For the sum in the output, we can flatten it to a single value with sum() , for the product, there's not really an equivalent. We can make one out of reduce and a function that multiplies two numbers together, which we can get from another standard library: operator.mul :

(n
 for x in itertools.product(xrange(10), repeat=n)
 if reduce(operator.mul, x, 1) == input)

So far so good, now we just need to repeat this inner part for every value of n. Supposing we want to search forever, we can get an unending sequence of numbers with itertools.count(1) , and Finally, we just need to turn this flatten sequence of sequences into a single sequence, for which we can use itertools.chain.from_iterable

itertools.chain.from_iterable(
     (n
      for x in itertools.product(xrange(10), repeat=n)
      if reduce(operator.mul, x, 1) == input)
     for n in itertools.count(1)
     if 2 ** n > input))

In [32]: input = 32

In [33]: next(itertools.chain.from_iterable(
        (n
         for x in itertools.product(xrange(10), repeat=n)
         if reduce(operator.mul, x, 1) == input)
        for n in itertools.count(1) if 2 ** n > input))
Out[33]: 6

Answer 3

I don't think you want a list comprehension. I think a generator would be better here:

def generate(x):
    for digits in itertools.count(1):
        for i in itertools.product(range(1, 10), repeat=digits):
            if reduce(operator.mul, i) == x:
                yield i
    if (math.pow(2, digits) > x):
        break

Then you do for i in generate(input_number) .

(You also need import itertools , from functools import reduce and import math at the top).

((math.pow(2, digits) > x) is just the break condition.)

Answer 4

You have several sequences, each of which may or may not contain the solution. Convert them to generators, use itertools to "chain" the sequences together, and then ask for the first element of the resulting sequence (notice that a sequence that does not contain the solution will be empty).

First of all, you need a way to generate sequences of n -tuples for any n . The itertools module has several functions that have effect comparable to nested for-loops. The one that matches your algorithm is itertools.product . The following generates all tuples of n digits:

tuples = itertools.product(range(10), repeat=n) 

It's actually better to use itertools.combinations_with_replacement , because there's no point testing both (4,5) and (5,4) . It has similar syntax. So here's a generator that will give you an infinite sequence of n-tuples, for increasing n :

sequences = ( itertools.product(range(10), repeat=n) for n in itertools.count(1) )

Next, you want to string the sequences together (without actually traversing them yet), into a single sequence. Because these are generators, they will only be evaluated if needed.

bigchain = itertools.chain.from_iterable(sequences)

bigchain will spit out all tuples you need to check. To test them, you need a way to multiply a tuple of arbitrary length. Let's define it:

def mytest(x):
    return reduce(operator.mul, x, 1) == target

You can now use this test to "filter" this sequence to select only tuples that match (there will always be many, since you include digit 1 in your combinations), then ask for the first one.
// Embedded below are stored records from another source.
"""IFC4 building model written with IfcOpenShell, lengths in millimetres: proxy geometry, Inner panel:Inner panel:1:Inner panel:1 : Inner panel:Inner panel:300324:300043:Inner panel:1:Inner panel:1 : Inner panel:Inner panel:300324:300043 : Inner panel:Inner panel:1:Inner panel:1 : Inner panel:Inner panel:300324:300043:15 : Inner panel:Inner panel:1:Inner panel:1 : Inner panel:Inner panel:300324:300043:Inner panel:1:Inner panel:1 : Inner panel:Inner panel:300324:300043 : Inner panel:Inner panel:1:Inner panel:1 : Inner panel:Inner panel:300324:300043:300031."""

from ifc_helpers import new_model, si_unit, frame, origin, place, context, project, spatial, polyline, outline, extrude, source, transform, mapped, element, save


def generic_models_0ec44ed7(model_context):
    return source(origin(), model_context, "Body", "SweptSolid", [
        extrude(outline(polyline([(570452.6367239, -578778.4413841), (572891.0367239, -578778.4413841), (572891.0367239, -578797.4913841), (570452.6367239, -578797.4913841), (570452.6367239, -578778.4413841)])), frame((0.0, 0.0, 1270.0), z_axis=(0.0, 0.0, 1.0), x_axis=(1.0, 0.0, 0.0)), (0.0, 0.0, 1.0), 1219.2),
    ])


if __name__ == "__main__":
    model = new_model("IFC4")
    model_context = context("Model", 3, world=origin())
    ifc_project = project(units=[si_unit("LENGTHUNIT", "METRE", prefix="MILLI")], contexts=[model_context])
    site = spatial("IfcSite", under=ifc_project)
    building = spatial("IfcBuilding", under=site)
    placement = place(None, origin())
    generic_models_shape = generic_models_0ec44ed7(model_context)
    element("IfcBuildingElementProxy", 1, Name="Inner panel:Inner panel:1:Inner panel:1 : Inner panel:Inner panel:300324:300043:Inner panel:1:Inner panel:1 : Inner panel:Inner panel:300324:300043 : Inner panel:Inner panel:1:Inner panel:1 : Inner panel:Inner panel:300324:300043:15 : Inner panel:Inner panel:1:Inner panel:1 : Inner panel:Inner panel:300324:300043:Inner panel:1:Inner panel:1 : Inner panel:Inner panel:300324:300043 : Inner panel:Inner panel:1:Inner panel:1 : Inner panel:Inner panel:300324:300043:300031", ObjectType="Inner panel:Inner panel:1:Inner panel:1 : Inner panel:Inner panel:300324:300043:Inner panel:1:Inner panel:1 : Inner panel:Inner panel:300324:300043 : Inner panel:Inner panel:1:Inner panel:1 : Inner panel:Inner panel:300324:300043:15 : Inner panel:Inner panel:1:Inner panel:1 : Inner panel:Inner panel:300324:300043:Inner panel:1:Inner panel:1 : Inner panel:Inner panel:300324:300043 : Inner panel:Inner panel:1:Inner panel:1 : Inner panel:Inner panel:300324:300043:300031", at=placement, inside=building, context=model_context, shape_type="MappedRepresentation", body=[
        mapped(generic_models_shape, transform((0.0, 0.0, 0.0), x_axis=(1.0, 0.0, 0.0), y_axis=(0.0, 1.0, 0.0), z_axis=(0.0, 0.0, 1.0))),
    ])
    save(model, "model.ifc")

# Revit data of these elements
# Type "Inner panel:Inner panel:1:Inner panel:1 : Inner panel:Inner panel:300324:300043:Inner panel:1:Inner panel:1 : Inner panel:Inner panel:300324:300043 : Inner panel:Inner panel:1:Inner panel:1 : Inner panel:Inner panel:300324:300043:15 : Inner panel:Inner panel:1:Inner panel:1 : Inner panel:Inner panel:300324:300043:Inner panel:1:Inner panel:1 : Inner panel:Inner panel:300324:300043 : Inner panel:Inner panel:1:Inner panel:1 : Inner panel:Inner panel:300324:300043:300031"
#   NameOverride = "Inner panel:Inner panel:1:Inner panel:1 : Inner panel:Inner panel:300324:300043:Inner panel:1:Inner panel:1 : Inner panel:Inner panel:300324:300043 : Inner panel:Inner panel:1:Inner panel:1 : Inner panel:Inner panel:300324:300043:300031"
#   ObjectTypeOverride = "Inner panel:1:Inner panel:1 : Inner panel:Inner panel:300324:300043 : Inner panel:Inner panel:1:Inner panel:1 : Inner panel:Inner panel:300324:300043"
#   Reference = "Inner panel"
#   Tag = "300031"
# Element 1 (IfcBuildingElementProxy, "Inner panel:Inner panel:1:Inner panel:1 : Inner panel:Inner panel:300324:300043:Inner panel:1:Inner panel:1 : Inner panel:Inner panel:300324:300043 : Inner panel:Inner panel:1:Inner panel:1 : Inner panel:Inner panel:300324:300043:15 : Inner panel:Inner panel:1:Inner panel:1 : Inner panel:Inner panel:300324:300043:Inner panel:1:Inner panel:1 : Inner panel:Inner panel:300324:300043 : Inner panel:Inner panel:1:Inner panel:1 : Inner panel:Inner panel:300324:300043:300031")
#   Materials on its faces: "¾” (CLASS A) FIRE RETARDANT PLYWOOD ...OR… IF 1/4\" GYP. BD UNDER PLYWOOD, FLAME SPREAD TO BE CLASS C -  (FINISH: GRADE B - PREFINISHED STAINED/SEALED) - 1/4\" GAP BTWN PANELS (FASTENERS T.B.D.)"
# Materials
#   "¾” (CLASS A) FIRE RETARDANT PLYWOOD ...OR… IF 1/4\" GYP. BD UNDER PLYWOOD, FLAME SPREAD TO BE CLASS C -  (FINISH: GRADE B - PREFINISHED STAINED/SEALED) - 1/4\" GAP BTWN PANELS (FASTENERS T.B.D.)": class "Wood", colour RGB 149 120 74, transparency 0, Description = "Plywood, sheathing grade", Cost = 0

print itertools.islice(ifilter(mytest, bigchain), 1).next()     

I've changed your code to return your solution as a tuple, because otherwise, well, you'll just get back the number you were searching for (eg, 32 )-- which doesn't tell you anything you didn't know!

Here it is, all together:

from itertools import *
import operator

target = 32

sequences = ( combinations_with_replacement(range(10), n) for n in count(1) )
bigchain = chain.from_iterable(sequences)

def mytest(x):
    return reduce(operator.mul, x, 1) == target

print islice(ifilter(mytest, bigchain), 1).next()
# prints (4, 8)

You could also eliminate the intermediate variables in the above and combine everything into one expression; but what would be the point?